- **Task instructions**
Repeat the stretch of entries below from the line with "#7207 = VECTOR ( 'NONE', #20552, 39.37008 ) ;" through the line with "[elements in it])". Include both ends and add nothing.

--

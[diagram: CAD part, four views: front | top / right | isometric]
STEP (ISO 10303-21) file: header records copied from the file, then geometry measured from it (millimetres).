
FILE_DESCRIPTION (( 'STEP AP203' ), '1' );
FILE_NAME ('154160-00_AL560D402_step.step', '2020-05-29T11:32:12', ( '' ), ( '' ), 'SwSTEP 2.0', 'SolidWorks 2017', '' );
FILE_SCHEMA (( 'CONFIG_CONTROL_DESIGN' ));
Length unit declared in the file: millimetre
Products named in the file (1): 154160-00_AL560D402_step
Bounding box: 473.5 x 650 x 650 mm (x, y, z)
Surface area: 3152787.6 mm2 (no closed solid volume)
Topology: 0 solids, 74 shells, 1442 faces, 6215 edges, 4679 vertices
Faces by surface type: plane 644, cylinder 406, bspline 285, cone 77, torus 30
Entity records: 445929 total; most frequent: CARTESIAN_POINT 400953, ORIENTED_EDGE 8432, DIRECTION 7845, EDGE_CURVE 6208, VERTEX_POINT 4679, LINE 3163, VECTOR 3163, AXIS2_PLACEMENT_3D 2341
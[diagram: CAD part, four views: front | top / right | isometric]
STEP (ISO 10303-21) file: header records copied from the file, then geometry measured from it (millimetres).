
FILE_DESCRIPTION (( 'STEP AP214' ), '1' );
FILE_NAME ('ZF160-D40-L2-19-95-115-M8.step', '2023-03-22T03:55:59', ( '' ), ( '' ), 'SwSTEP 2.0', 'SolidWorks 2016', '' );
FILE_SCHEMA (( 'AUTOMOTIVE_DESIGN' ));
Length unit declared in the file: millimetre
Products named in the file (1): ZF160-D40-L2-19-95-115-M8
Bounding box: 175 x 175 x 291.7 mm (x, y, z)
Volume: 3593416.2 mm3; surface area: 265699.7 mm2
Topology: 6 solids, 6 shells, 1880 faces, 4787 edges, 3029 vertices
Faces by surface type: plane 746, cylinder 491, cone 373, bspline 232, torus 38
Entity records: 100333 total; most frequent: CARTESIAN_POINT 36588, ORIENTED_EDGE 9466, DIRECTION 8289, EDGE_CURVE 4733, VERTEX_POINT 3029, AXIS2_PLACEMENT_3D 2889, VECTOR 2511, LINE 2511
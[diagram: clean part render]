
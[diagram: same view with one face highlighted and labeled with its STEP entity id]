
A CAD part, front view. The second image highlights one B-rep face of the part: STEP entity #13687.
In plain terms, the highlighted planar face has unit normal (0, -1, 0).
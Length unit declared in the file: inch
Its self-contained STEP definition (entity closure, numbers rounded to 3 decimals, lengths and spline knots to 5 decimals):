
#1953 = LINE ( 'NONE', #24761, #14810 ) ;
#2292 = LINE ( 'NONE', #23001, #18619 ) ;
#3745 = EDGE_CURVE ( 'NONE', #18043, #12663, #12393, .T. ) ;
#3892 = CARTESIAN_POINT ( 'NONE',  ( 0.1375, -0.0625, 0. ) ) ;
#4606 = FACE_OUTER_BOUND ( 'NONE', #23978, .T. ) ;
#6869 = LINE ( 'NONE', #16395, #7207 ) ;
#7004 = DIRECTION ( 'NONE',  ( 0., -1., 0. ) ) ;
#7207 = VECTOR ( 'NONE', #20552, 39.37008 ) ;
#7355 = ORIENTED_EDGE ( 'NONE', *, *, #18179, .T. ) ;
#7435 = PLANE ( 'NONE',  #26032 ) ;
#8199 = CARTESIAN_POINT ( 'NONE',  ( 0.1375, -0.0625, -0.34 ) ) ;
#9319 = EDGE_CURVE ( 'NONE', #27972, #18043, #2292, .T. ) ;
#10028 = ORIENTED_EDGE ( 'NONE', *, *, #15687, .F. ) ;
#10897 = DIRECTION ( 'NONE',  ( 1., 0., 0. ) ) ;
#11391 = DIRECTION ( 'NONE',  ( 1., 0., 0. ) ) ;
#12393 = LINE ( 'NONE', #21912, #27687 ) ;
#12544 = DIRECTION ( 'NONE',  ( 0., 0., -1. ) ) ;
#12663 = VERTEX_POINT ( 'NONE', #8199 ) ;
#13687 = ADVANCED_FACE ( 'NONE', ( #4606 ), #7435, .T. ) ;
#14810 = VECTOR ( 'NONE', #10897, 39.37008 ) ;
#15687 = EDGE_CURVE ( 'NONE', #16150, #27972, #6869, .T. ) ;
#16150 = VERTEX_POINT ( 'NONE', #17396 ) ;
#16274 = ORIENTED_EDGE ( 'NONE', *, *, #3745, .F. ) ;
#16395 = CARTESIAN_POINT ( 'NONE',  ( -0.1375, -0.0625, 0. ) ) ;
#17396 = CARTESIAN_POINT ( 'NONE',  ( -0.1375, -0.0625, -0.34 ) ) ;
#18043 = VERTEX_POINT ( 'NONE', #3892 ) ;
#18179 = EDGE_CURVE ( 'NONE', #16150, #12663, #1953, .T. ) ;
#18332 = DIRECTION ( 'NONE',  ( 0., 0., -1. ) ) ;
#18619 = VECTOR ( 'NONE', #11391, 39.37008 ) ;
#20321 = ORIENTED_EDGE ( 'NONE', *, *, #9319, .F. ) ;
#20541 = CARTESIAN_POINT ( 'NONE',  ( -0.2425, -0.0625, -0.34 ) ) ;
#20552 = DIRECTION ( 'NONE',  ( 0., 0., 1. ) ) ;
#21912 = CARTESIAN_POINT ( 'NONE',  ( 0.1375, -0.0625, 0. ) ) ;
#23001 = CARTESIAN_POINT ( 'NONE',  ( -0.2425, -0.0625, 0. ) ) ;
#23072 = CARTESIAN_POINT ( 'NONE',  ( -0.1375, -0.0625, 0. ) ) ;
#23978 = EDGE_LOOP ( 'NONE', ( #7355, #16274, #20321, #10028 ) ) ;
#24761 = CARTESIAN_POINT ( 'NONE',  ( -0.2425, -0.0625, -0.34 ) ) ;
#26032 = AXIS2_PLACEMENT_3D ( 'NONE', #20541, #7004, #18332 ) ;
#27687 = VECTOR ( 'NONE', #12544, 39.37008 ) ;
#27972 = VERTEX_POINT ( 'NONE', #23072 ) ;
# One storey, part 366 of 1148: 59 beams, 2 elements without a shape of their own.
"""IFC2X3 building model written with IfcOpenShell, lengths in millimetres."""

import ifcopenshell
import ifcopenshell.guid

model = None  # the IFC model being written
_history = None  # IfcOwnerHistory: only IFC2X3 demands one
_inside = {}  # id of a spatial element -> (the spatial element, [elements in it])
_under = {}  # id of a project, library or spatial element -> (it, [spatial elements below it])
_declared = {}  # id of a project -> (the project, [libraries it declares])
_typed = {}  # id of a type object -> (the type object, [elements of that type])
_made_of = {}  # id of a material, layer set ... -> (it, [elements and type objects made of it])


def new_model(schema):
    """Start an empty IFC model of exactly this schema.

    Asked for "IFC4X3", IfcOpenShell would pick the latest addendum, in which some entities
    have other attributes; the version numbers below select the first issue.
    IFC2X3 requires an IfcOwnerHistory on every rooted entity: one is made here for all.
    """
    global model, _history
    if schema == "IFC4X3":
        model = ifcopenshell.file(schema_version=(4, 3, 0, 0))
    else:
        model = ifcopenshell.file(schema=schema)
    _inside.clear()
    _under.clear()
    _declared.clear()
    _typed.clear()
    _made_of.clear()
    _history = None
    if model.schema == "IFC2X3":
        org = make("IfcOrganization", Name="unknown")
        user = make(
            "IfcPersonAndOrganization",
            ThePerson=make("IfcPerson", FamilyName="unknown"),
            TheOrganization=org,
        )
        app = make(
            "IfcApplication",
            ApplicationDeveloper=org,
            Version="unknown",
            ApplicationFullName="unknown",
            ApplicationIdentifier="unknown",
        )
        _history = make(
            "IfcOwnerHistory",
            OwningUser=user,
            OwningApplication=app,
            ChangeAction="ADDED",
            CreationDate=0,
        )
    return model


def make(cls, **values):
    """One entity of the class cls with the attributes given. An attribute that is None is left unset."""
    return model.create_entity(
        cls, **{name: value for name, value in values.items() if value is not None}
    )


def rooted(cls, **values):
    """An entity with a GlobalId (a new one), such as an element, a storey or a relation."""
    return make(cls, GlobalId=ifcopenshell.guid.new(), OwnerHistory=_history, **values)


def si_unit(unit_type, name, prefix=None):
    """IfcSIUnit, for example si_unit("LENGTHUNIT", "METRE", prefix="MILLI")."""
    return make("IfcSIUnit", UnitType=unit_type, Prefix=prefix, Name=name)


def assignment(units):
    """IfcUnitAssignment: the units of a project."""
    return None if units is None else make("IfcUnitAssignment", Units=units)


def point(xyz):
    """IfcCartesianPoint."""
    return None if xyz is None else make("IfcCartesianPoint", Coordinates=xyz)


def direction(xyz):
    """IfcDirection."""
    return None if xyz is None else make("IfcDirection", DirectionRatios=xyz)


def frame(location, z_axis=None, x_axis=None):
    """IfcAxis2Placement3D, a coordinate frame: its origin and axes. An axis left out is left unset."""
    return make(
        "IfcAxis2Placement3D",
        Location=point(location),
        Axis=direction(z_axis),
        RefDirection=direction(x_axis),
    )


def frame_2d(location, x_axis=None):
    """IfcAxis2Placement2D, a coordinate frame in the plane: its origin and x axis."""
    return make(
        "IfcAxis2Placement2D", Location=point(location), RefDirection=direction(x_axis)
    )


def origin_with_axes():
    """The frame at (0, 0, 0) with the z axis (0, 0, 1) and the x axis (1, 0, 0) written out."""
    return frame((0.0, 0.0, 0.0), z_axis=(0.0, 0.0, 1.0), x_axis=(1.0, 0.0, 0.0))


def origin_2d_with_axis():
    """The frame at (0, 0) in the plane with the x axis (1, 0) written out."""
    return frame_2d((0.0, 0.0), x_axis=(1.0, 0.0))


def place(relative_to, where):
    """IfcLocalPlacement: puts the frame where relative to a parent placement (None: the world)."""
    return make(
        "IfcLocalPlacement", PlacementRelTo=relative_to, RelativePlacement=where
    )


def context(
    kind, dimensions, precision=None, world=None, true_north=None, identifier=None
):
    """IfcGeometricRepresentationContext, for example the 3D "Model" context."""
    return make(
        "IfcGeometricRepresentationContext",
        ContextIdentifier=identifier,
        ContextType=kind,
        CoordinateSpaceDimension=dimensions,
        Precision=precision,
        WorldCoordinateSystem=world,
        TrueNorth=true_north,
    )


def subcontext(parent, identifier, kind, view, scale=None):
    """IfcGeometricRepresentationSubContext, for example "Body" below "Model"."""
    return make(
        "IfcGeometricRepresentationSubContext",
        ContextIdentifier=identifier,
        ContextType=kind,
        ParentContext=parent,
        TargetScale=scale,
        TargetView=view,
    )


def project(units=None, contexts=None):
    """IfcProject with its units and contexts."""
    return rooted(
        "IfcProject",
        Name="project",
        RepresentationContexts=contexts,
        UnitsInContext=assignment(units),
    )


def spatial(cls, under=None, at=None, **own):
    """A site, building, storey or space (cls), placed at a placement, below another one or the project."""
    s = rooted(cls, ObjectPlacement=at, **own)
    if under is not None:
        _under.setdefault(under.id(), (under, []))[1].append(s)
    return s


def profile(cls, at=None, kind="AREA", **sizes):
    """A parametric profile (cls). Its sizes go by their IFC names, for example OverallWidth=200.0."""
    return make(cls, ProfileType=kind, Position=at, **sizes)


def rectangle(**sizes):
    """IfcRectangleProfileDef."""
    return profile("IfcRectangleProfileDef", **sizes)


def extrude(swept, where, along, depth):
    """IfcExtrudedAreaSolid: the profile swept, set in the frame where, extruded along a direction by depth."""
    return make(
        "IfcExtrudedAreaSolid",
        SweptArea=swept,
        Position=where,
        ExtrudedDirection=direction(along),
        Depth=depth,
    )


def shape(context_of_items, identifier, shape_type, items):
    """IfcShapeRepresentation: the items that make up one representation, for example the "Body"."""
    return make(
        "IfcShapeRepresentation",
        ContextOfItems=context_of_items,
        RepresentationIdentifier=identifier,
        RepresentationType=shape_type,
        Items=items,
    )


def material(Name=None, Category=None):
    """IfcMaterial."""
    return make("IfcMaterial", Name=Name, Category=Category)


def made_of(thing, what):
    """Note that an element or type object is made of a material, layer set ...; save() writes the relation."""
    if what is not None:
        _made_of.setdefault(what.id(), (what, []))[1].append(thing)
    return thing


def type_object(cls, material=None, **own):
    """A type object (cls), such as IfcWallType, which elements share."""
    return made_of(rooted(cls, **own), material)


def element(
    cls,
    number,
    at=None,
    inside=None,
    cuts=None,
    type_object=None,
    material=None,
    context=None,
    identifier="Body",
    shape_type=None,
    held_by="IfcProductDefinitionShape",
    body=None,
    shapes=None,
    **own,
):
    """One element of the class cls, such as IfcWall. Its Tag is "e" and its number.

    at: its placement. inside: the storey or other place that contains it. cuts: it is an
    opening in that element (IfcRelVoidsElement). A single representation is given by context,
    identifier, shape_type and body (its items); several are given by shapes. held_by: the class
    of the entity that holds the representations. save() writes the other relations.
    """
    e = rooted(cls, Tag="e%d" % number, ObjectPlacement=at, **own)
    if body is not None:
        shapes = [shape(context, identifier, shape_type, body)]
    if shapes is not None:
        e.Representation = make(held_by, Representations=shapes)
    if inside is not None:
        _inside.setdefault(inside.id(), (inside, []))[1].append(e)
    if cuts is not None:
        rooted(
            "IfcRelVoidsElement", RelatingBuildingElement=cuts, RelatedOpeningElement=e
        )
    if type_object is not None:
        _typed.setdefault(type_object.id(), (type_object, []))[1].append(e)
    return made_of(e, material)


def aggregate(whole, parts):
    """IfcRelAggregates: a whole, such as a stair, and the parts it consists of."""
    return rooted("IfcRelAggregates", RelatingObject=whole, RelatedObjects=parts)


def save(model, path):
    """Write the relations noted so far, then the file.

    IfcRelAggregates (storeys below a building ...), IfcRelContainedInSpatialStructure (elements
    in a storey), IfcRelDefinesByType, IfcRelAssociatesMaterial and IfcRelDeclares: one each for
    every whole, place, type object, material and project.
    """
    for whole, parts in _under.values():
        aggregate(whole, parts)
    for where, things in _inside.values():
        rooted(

--

- **Result below**
#7207 = VECTOR ( 'NONE', #20552, 39.37008 ) ;
#7355 = ORIENTED_EDGE ( 'NONE', *, *, #18179, .T. ) ;
#7435 = PLANE ( 'NONE',  #26032 ) ;
#8199 = CARTESIAN_POINT ( 'NONE',  ( 0.1375, -0.0625, -0.34 ) ) ;
#9319 = EDGE_CURVE ( 'NONE', #27972, #18043, #2292, .T. ) ;
#10028 = ORIENTED_EDGE ( 'NONE', *, *, #15687, .F. ) ;
#10897 = DIRECTION ( 'NONE',  ( 1., 0., 0. ) ) ;
#11391 = DIRECTION ( 'NONE',  ( 1., 0., 0. ) ) ;
#12393 = LINE ( 'NONE', #21912, #27687 ) ;
#12544 = DIRECTION ( 'NONE',  ( 0., 0., -1. ) ) ;
#12663 = VERTEX_POINT ( 'NONE', #8199 ) ;
#13687 = ADVANCED_FACE ( 'NONE', ( #4606 ), #7435, .T. ) ;
#14810 = VECTOR ( 'NONE', #10897, 39.37008 ) ;
#15687 = EDGE_CURVE ( 'NONE', #16150, #27972, #6869, .T. ) ;
#16150 = VERTEX_POINT ( 'NONE', #17396 ) ;
#16274 = ORIENTED_EDGE ( 'NONE', *, *, #3745, .F. ) ;
#16395 = CARTESIAN_POINT ( 'NONE',  ( -0.1375, -0.0625, 0. ) ) ;
#17396 = CARTESIAN_POINT ( 'NONE',  ( -0.1375, -0.0625, -0.34 ) ) ;
#18043 = VERTEX_POINT ( 'NONE', #3892 ) ;
#18179 = EDGE_CURVE ( 'NONE', #16150, #12663, #1953, .T. ) ;
#18332 = DIRECTION ( 'NONE',  ( 0., 0., -1. ) ) ;
#18619 = VECTOR ( 'NONE', #11391, 39.37008 ) ;
#20321 = ORIENTED_EDGE ( 'NONE', *, *, #9319, .F. ) ;
#20541 = CARTESIAN_POINT ( 'NONE',  ( -0.2425, -0.0625, -0.34 ) ) ;
#20552 = DIRECTION ( 'NONE',  ( 0., 0., 1. ) ) ;
#21912 = CARTESIAN_POINT ( 'NONE',  ( 0.1375, -0.0625, 0. ) ) ;
#23001 = CARTESIAN_POINT ( 'NONE',  ( -0.2425, -0.0625, 0. ) ) ;
#23072 = CARTESIAN_POINT ( 'NONE',  ( -0.1375, -0.0625, 0. ) ) ;
#23978 = EDGE_LOOP ( 'NONE', ( #7355, #16274, #20321, #10028 ) ) ;
#24761 = CARTESIAN_POINT ( 'NONE',  ( -0.2425, -0.0625, -0.34 ) ) ;
#26032 = AXIS2_PLACEMENT_3D ( 'NONE', #20541, #7004, #18332 ) ;
#27687 = VECTOR ( 'NONE', #12544, 39.37008 ) ;
#27972 = VERTEX_POINT ( 'NONE', #23072 ) ;
# One storey, part 366 of 1148: 59 beams, 2 elements without a shape of their own.
"""IFC2X3 building model written with IfcOpenShell, lengths in millimetres."""

import ifcopenshell
import ifcopenshell.guid

model = None  # the IFC model being written
_history = None  # IfcOwnerHistory: only IFC2X3 demands one
_inside = {}  # id of a spatial element -> (the spatial element, [elements in it])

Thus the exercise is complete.